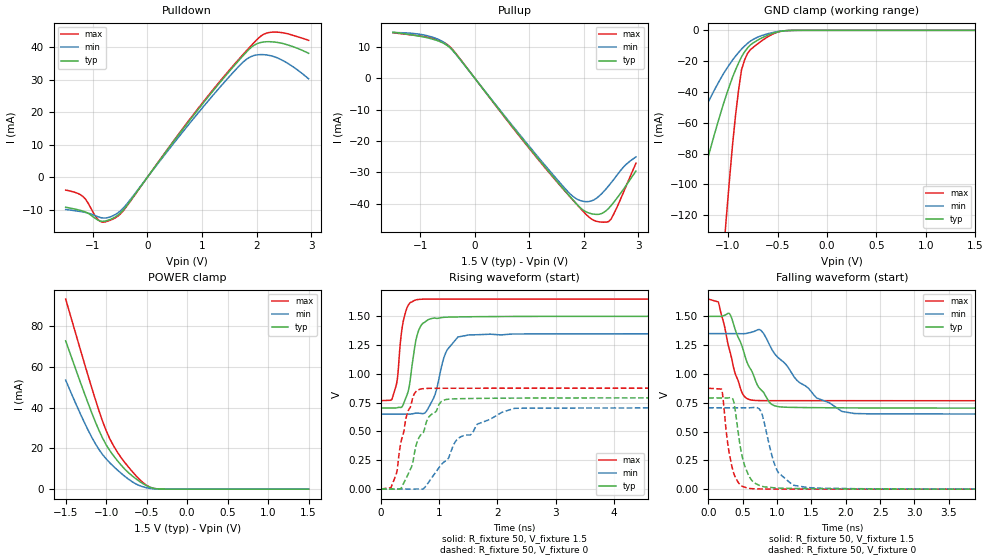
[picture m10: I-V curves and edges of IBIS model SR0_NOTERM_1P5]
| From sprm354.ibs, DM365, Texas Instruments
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|   Model Cell SR0_NOTERM_1P5
|SR0_NOTERM_1P5
[Model]   SR0_NOTERM_1P5
Model_type   I/O
Polarity   Non-Inverting
Enable   Active-Low
Vinl = 0.8V
Vinh = 2V
Cref =  15.0000pF
Rref =  100.0000M
Vref =  0V
Vmeas =  0.75
C_comp   3.047242p   2.257596p   4.009695p
[Model Spec]
Vinl   0.8V   0.8V   0.8V
Vinh   2V   2V   2V
[Temperature Range]   25   125   -40
[Voltage Range]   1.5   1.35   1.65
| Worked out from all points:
|   slope of the pulldown table from 0 to 0.225 V, typ, clamps not added: 43.5 ohm
|   slope of the pullup table from 0 to 0.225 V, typ, clamps not added: 44.5 ohm
|   GND clamp passes 1 mA (typ) near -0.50 V on its own axis
|   POWER clamp passes 1 mA (typ) near -0.46 V on its own axis
|   rising waveform, R_fixture 50, V_fixture 1.5: 20-80 % time 149ps typ, 233ps min, 112ps max; typ from 0.703 V to 1.5 V
|   rising waveform, R_fixture 50, V_fixture 0: 20-80 % time 342ps typ, 724ps min, 210ps max; typ from 0 V to 0.792 V
|   falling waveform, R_fixture 50, V_fixture 1.5: 20-80 % time 348ps typ, 649ps min, 222ps max; typ from 1.5 V to 0.703 V
|   falling waveform, R_fixture 50, V_fixture 0: 20-80 % time 156ps typ, 201ps min, 124ps max; typ from 0.792 V to 0 V
[POWER_clamp]
|   voltage   I(typ)   I(min)   I(max)
-1.5V     72.7mA     53.44mA    93.18mA
-1.318V   52.38mA    36.88mA    68.36mA
-1.182V   37.83mA    25.73mA    50.18mA
-1.091V   29.01mA    19.56mA    38.72mA
-1V       21.75mA    14.84mA    28.68mA
-909.1mV  16.39mA    11.15mA    21.28mA
-818.2mV  11.93mA    7.901mA    15.6mA
-681.8mV  6.623mA    3.713mA    8.833mA
-545.5mV  2.678mA    1.141mA    3.213mA
-454.5mV  887.8uA    343.9uA    858.6uA
-363.6mV  140.3uA    66.33uA    91.97uA
1.5V      4.339nA    108.4nA    952.4pA
[Pulldown]
|   voltage   I(typ)   I(min)   I(max)
-1.5V     -9.235mA   -9.935mA   -3.974mA
-1.182V   -10.44mA   -10.7mA    -5.949mA
-954.5mV  -12.72mA   -11.86mA   -12.01mA
-863.6mV  -13.5mA    -12.42mA   -13.62mA
-590.9mV  -12.24mA   -11.5mA    -12.52mA
-363.6mV  -8.405mA   -7.956mA   -8.569mA
1V        22.28mA    21.15mA    22.64mA
1.818V    38.51mA    36.26mA    38.89mA
2V        40.95mA    37.55mA    42.14mA
2.227V    41.63mA    37.44mA    44.44mA
2.545V    40.77mA    35.25mA    44.16mA
2.955V    38.06mA    30.23mA    42.04mA
[Pullup]
|   voltage   I(typ)   I(min)   I(max)
-1.5V     14.7mA     14.52mA    14.5mA
-863.6mV  12.86mA    13.51mA    13.07mA
-636.4mV  11.64mA    12.11mA    11.96mA
-454.5mV  9.734mA    9.774mA    10.01mA
909.1mV   -20.18mA   -19.79mA   -20.43mA
1.682V    -36.4mA    -35.65mA   -36.52mA
1.909V    -40.82mA   -38.81mA   -40.93mA
2.182V    -43.3mA    -38.76mA   -45.27mA
2.364V    -42.76mA   -36.1mA    -45.85mA
2.5V      -40.54mA   -33.29mA   -44.83mA
2.727V    -35.31mA   -28.29mA   -36.29mA
2.955V    -29.56mA   -25.07mA   -27.07mA
[GND_clamp]
|   voltage   I(typ)   I(min)   I(max)
-1.5V     -154.8mA   -88.21mA   -548.3mA
-1.379V   -125mA     -70.97mA   -438.6mA
-1.045V   -47.59mA   -28.12mA   -144.3mA
-1.015V   -41.63mA   -25.03mA   -120mA
-954.5mV  -30.51mA   -19.31mA   -74.42mA
-924.2mV  -25.71mA   -16.8mA    -55.35mA
-863.6mV  -17.19mA   -12.18mA   -25.62mA
-803mV    -11.46mA   -8.491mA   -15.01mA
-742.4mV  -8.023mA   -5.77mA    -10.9mA
-560.6mV  -2.222mA   -1.606mA   -2.834mA
-409.1mV  -188.4uA   -199.7uA   -167.9uA
1.5V      4.339nA    679.1nA    663.7pA
[Ramp]
| variable   typ   min   max
dV/dt_f   0.494457/0.3522576n   0.440711/0.6626204n  0.5421663/0.2286156n
dV/dt_r  0.4755293/0.3418196n   0.424077/0.7240577n  0.5260539/0.2087291n
R_load = 50
[Rising Waveform]
R_fixture = 50
V_fixture = 1.5
V_fixture_min = 1.35
V_fixture_max = 1.65
|   time   V(typ)   V(min)   V(max)
0s        703.4mV    650.3mV    767.7mV
175.2ps   703.4mV    650.3mV    771.6mV
253.6ps   703.4mV    650.3mV    883.1mV
370.4ps   719.2mV    650.3mV    1.418V
483.2ps   879.8mV    650.1mV    1.606V
588ps     1.256V     658.1mV    1.641V
803.2ps   1.468V     693.1mV    1.65V
1.111ns   1.492V     1.182V     1.65V
1.322ns   1.495V     1.32V      1.65V
5.59ns    1.5V       1.349V     1.65V
[Rising Waveform]
R_fixture = 50
V_fixture = 0
V_fixture_min = 0
V_fixture_max = 0
|   time   V(typ)   V(min)   V(max)
0s        69.34nV    280.7nV    23.27nV
172.8ps   5.752uV    354.3nV    11.77mV
278.4ps   -454.1uV   -384.1nV   158.9mV
344.8ps   6.324mV    1.025uV    406.7mV
558.4ps   258.6mV    -674.3uV   810.1mV
678.4ps   467mV      -933.4uV   867.7mV
1.08ns    772.1mV    233.9mV    875.3mV
1.326ns   784.1mV    439mV      875.5mV
2.294ns   789.6mV    701.2mV    875.8mV
6.759ns   791.6mV    705mV      875.8mV
[Falling Waveform]
R_fixture = 50
V_fixture = 1.5
V_fixture_min = 1.35
V_fixture_max = 1.65
|   time   V(typ)   V(min)   V(max)
0s        1.5V       1.35V      1.65V
148ps     1.5V       1.35V      1.625V
313.6ps   1.52V      1.35V      1.2V
481.6ps   1.258V     1.349V     851.8mV
615.2ps   1.043V     1.36V      775.3mV
764.8ps   863.9mV    1.38V      768.6mV
968ps     723.1mV    1.173V     768.1mV
1.577ns   707.2mV    791.4mV    767.9mV
1.943ns   705.7mV    674.9mV    767.9mV
5.971ns   703.5mV    651.7mV    767.7mV
[Falling Waveform]
R_fixture = 50
V_fixture = 0
V_fixture_min = 0
V_fixture_max = 0
|   time   V(typ)   V(min)   V(max)
0s        791.6mV    706.4mV    875.8mV
200ps     791.6mV    706.4mV    854.6mV
285.6ps   791.5mV    706.4mV    387.8mV
362.4ps   775.9mV    706.4mV    155.2mV
476ps     335.2mV    706.4mV    32.55mV
558.4ps   160.4mV    706.2mV    11.64mV
765.6ps   27.69mV    677mV      1.612mV
996ps     10.19mV    170.1mV    648.8uV
1.232ns   6.143mV    34.67mV    276.2uV
6.133ns   46.86uV    1.351mV    25.02nV

========

== Work instructions ==
All of the entries above are to be transcribed word for word, with no pictures included.

== Answer to the exercise ==
[picture m10: I-V curves and edges of IBIS model SR0_NOTERM_1P5]
| From sprm354.ibs, DM365, Texas Instruments
|   Model Cell SR0_NOTERM_1P5
|SR0_NOTERM_1P5
[Model]   SR0_NOTERM_1P5
Model_type   I/O
Polarity   Non-Inverting
Enable   Active-Low
Vinl = 0.8V
Vinh = 2V
Cref =  15.0000pF
Rref =  100.0000M
Vref =  0V
Vmeas =  0.75
C_comp   3.047242p   2.257596p   4.009695p
[Model Spec]
Vinl   0.8V   0.8V   0.8V
Vinh   2V   2V   2V
[Temperature Range]   25   125   -40
[Voltage Range]   1.5   1.35   1.65
| Worked out from all points:
|   slope of the pulldown table from 0 to 0.225 V, typ, clamps not added: 43.5 ohm
|   slope of the pullup table from 0 to 0.225 V, typ, clamps not added: 44.5 ohm
|   GND clamp passes 1 mA (typ) near -0.50 V on its own axis
|   POWER clamp passes 1 mA (typ) near -0.46 V on its own axis
|   rising waveform, R_fixture 50, V_fixture 1.5: 20-80 % time 149ps typ, 233ps min, 112ps max; typ from 0.703 V to 1.5 V
|   rising waveform, R_fixture 50, V_fixture 0: 20-80 % time 342ps typ, 724ps min, 210ps max; typ from 0 V to 0.792 V
|   falling waveform, R_fixture 50, V_fixture 1.5: 20-80 % time 348ps typ, 649ps min, 222ps max; typ from 1.5 V to 0.703 V
|   falling waveform, R_fixture 50, V_fixture 0: 20-80 % time 156ps typ, 201ps min, 124ps max; typ from 0.792 V to 0 V
[POWER_clamp]
|   voltage   I(typ)   I(min)   I(max)
-1.5V     72.7mA     53.44mA    93.18mA
-1.318V   52.38mA    36.88mA    68.36mA
-1.182V   37.83mA    25.73mA    50.18mA
-1.091V   29.01mA    19.56mA    38.72mA
-1V       21.75mA    14.84mA    28.68mA
-909.1mV  16.39mA    11.15mA    21.28mA
-818.2mV  11.93mA    7.901mA    15.6mA
-681.8mV  6.623mA    3.713mA    8.833mA
-545.5mV  2.678mA    1.141mA    3.213mA
-454.5mV  887.8uA    343.9uA    858.6uA
-363.6mV  140.3uA    66.33uA    91.97uA
1.5V      4.339nA    108.4nA    952.4pA
[Pulldown]
|   voltage   I(typ)   I(min)   I(max)
-1.5V     -9.235mA   -9.935mA   -3.974mA
-1.182V   -10.44mA   -10.7mA    -5.949mA
-954.5mV  -12.72mA   -11.86mA   -12.01mA
-863.6mV  -13.5mA    -12.42mA   -13.62mA
-590.9mV  -12.24mA   -11.5mA    -12.52mA
-363.6mV  -8.405mA   -7.956mA   -8.569mA
1V        22.28mA    21.15mA    22.64mA
1.818V    38.51mA    36.26mA    38.89mA
2V        40.95mA    37.55mA    42.14mA
2.227V    41.63mA    37.44mA    44.44mA
2.545V    40.77mA    35.25mA    44.16mA
2.955V    38.06mA    30.23mA    42.04mA
[Pullup]
|   voltage   I(typ)   I(min)   I(max)
-1.5V     14.7mA     14.52mA    14.5mA
-863.6mV  12.86mA    13.51mA    13.07mA
-636.4mV  11.64mA    12.11mA    11.96mA
-454.5mV  9.734mA    9.774mA    10.01mA
909.1mV   -20.18mA   -19.79mA   -20.43mA
1.682V    -36.4mA    -35.65mA   -36.52mA
1.909V    -40.82mA   -38.81mA   -40.93mA
2.182V    -43.3mA    -38.76mA   -45.27mA
2.364V    -42.76mA   -36.1mA    -45.85mA
2.5V      -40.54mA   -33.29mA   -44.83mA
2.727V    -35.31mA   -28.29mA   -36.29mA
2.955V    -29.56mA   -25.07mA   -27.07mA
[GND_clamp]
|   voltage   I(typ)   I(min)   I(max)
-1.5V     -154.8mA   -88.21mA   -548.3mA
-1.379V   -125mA     -70.97mA   -438.6mA
-1.045V   -47.59mA   -28.12mA   -144.3mA
-1.015V   -41.63mA   -25.03mA   -120mA
-954.5mV  -30.51mA   -19.31mA   -74.42mA
-924.2mV  -25.71mA   -16.8mA    -55.35mA
-863.6mV  -17.19mA   -12.18mA   -25.62mA
-803mV    -11.46mA   -8.491mA   -15.01mA
-742.4mV  -8.023mA   -5.77mA    -10.9mA
-560.6mV  -2.222mA   -1.606mA   -2.834mA
-409.1mV  -188.4uA   -199.7uA   -167.9uA
1.5V      4.339nA    679.1nA    663.7pA
[Ramp]
| variable   typ   min   max
dV/dt_f   0.494457/0.3522576n   0.440711/0.6626204n  0.5421663/0.2286156n
dV/dt_r  0.4755293/0.3418196n   0.424077/0.7240577n  0.5260539/0.2087291n
R_load = 50
[Rising Waveform]
R_fixture = 50
V_fixture = 1.5
V_fixture_min = 1.35
V_fixture_max = 1.65
|   time   V(typ)   V(min)   V(max)
0s        703.4mV    650.3mV    767.7mV
175.2ps   703.4mV    650.3mV    771.6mV
253.6ps   703.4mV    650.3mV    883.1mV
370.4ps   719.2mV    650.3mV    1.418V
483.2ps   879.8mV    650.1mV    1.606V
588ps     1.256V     658.1mV    1.641V
803.2ps   1.468V     693.1mV    1.65V
1.111ns   1.492V     1.182V     1.65V
1.322ns   1.495V     1.32V      1.65V
5.59ns    1.5V       1.349V     1.65V
[Rising Waveform]
R_fixture = 50
V_fixture = 0
V_fixture_min = 0
V_fixture_max = 0
|   time   V(typ)   V(min)   V(max)
0s        69.34nV    280.7nV    23.27nV
172.8ps   5.752uV    354.3nV    11.77mV
278.4ps   -454.1uV   -384.1nV   158.9mV
344.8ps   6.324mV    1.025uV    406.7mV
558.4ps   258.6mV    -674.3uV   810.1mV
678.4ps   467mV      -933.4uV   867.7mV
1.08ns    772.1mV    233.9mV    875.3mV
1.326ns   784.1mV    439mV      875.5mV
2.294ns   789.6mV    701.2mV    875.8mV
6.759ns   791.6mV    705mV      875.8mV
[Falling Waveform]
R_fixture = 50
V_fixture = 1.5
V_fixture_min = 1.35
V_fixture_max = 1.65
|   time   V(typ)   V(min)   V(max)
0s        1.5V       1.35V      1.65V
148ps     1.5V       1.35V      1.625V
313.6ps   1.52V      1.35V      1.2V
481.6ps   1.258V     1.349V     851.8mV
615.2ps   1.043V     1.36V      775.3mV
764.8ps   863.9mV    1.38V      768.6mV
968ps     723.1mV    1.173V     768.1mV
1.577ns   707.2mV    791.4mV    767.9mV
1.943ns   705.7mV    674.9mV    767.9mV
5.971ns   703.5mV    651.7mV    767.7mV
[Falling Waveform]
R_fixture = 50
V_fixture = 0
V_fixture_min = 0
V_fixture_max = 0
|   time   V(typ)   V(min)   V(max)
0s        791.6mV    706.4mV    875.8mV
200ps     791.6mV    706.4mV    854.6mV
285.6ps   791.5mV    706.4mV    387.8mV
362.4ps   775.9mV    706.4mV    155.2mV
476ps     335.2mV    706.4mV    32.55mV
558.4ps   160.4mV    706.2mV    11.64mV
765.6ps   27.69mV    677mV      1.612mV
996ps     10.19mV    170.1mV    648.8uV
1.232ns   6.143mV    34.67mV    276.2uV
6.133ns   46.86uV    1.351mV    25.02nV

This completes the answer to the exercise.